-- WHAT THIS TASK INVOLVES --
Return, exactly as written, all lines from the line containing "Engineering drawing of" to the end of the entries below, with both ends included.

· · · · · · ·

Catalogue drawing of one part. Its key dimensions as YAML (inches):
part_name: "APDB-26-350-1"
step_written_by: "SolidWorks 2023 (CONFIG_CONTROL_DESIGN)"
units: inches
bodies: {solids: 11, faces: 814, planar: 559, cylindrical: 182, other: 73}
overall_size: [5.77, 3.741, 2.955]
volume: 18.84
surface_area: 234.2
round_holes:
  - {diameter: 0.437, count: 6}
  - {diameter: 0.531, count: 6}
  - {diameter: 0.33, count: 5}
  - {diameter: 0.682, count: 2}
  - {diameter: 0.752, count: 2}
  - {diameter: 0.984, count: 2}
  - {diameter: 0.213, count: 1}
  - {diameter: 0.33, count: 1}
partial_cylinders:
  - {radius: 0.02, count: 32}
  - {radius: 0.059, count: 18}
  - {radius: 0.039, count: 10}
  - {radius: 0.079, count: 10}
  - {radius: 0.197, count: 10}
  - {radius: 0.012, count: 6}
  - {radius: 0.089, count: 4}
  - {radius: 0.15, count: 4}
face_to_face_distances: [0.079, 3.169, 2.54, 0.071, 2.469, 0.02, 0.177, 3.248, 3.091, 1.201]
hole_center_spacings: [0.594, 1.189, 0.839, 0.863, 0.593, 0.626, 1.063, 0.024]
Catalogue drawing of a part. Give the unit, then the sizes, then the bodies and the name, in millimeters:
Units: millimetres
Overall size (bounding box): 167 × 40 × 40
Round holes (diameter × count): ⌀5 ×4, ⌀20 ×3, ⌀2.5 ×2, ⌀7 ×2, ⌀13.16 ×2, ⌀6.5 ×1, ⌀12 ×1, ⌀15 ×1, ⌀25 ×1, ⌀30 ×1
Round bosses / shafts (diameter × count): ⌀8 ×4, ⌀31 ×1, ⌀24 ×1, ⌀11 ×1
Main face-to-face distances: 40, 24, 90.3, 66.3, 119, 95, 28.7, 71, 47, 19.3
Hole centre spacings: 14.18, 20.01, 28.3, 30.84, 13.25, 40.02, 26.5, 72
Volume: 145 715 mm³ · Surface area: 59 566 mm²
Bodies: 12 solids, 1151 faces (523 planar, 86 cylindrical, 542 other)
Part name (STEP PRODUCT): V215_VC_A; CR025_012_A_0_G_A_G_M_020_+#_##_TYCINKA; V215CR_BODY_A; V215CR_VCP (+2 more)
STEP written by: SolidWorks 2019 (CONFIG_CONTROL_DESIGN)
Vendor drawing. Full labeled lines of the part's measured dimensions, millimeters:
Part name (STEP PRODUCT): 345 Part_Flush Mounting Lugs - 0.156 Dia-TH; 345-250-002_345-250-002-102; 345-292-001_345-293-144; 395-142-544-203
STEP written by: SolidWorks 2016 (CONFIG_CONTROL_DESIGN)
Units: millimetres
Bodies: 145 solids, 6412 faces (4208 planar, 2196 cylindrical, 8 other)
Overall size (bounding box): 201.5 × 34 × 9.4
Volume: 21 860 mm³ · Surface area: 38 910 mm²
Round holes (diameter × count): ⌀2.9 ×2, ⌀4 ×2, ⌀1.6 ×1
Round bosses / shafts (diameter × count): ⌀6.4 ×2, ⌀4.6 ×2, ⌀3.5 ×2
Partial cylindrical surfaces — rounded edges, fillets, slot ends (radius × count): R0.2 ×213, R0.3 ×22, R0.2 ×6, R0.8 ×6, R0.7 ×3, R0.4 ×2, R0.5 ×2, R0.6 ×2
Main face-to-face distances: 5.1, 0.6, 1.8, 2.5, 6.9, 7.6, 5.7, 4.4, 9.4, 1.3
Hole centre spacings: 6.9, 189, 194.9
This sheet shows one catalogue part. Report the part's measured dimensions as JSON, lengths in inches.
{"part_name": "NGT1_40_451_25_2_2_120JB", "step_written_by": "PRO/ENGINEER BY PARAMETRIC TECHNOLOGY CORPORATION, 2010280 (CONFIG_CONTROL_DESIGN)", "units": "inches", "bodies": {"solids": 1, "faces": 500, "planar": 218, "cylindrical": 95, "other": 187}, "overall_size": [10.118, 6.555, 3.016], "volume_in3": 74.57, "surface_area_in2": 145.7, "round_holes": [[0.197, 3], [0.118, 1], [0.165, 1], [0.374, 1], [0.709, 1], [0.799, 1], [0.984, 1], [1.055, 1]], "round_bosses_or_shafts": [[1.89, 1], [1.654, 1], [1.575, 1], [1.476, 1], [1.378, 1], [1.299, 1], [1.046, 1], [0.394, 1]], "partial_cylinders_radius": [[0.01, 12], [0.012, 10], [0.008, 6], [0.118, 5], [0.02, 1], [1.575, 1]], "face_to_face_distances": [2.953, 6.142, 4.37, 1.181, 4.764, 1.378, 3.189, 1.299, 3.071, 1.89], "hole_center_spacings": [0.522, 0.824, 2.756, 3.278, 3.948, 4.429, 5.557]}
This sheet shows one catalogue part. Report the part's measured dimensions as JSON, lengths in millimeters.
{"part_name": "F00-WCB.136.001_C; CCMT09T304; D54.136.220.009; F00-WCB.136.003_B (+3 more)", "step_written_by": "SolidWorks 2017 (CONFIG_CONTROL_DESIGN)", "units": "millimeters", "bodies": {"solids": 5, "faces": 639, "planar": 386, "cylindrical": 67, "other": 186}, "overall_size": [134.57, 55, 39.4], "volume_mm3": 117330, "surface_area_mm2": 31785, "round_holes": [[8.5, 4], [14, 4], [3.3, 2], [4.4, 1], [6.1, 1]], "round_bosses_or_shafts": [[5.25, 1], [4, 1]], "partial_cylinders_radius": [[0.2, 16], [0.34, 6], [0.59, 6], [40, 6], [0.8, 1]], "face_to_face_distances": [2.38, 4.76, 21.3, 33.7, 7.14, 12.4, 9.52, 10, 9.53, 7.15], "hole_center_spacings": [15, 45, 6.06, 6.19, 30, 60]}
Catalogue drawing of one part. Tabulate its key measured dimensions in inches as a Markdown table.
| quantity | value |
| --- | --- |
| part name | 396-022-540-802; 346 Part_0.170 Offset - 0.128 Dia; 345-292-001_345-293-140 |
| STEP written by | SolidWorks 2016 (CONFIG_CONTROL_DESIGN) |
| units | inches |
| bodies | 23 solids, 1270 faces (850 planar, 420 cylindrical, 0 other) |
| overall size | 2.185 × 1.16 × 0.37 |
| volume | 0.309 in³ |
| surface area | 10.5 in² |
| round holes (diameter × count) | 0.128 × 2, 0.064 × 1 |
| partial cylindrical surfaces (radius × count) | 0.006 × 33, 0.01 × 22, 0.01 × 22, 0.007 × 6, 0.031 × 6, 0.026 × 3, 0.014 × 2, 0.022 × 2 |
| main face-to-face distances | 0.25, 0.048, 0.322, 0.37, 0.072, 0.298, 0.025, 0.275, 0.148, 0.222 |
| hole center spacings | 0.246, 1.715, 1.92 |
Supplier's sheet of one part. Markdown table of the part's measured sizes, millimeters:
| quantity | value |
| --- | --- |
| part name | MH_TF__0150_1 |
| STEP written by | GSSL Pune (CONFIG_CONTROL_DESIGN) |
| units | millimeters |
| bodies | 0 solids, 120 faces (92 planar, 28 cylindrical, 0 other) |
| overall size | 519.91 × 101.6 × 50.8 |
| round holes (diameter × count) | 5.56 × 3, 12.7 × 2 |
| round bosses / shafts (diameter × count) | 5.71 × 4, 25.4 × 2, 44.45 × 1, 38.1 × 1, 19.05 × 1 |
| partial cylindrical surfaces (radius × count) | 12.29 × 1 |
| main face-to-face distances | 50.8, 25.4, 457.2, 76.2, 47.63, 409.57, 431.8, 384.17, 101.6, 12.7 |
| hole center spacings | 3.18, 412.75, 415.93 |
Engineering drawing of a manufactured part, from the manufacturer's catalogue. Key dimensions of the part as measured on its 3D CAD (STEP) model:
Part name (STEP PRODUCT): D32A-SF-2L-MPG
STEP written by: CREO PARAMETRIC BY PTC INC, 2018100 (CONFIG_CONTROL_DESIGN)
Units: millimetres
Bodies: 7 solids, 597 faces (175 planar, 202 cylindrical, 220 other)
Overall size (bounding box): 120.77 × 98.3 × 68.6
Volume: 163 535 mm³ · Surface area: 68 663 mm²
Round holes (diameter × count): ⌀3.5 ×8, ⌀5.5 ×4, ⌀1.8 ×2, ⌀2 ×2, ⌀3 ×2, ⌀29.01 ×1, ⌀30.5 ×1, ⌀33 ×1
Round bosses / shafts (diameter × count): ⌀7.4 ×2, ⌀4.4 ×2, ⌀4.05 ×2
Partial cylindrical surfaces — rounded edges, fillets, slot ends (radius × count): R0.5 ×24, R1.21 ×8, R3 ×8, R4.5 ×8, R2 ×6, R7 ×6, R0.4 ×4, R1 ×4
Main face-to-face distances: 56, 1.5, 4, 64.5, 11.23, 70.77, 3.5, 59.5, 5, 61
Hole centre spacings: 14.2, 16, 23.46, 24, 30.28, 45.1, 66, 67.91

· · · · · · ·

-- PROBLEM SOLUTION --
Engineering drawing of a manufactured part, from the manufacturer's catalogue. Key dimensions of the part as measured on its 3D CAD (STEP) model:
Part name (STEP PRODUCT): D32A-SF-2L-MPG
STEP written by: CREO PARAMETRIC BY PTC INC, 2018100 (CONFIG_CONTROL_DESIGN)
Units: millimetres
Bodies: 7 solids, 597 faces (175 planar, 202 cylindrical, 220 other)
Overall size (bounding box): 120.77 × 98.3 × 68.6
Volume: 163 535 mm³ · Surface area: 68 663 mm²
Round holes (diameter × count): ⌀3.5 ×8, ⌀5.5 ×4, ⌀1.8 ×2, ⌀2 ×2, ⌀3 ×2, ⌀29.01 ×1, ⌀30.5 ×1, ⌀33 ×1
Round bosses / shafts (diameter × count): ⌀7.4 ×2, ⌀4.4 ×2, ⌀4.05 ×2
Partial cylindrical surfaces — rounded edges, fillets, slot ends (radius × count): R0.5 ×24, R1.21 ×8, R3 ×8, R4.5 ×8, R2 ×6, R7 ×6, R0.4 ×4, R1 ×4
Main face-to-face distances: 56, 1.5, 4, 64.5, 11.23, 70.77, 3.5, 59.5, 5, 61
Hole centre spacings: 14.2, 16, 23.46, 24, 30.28, 45.1, 66, 67.91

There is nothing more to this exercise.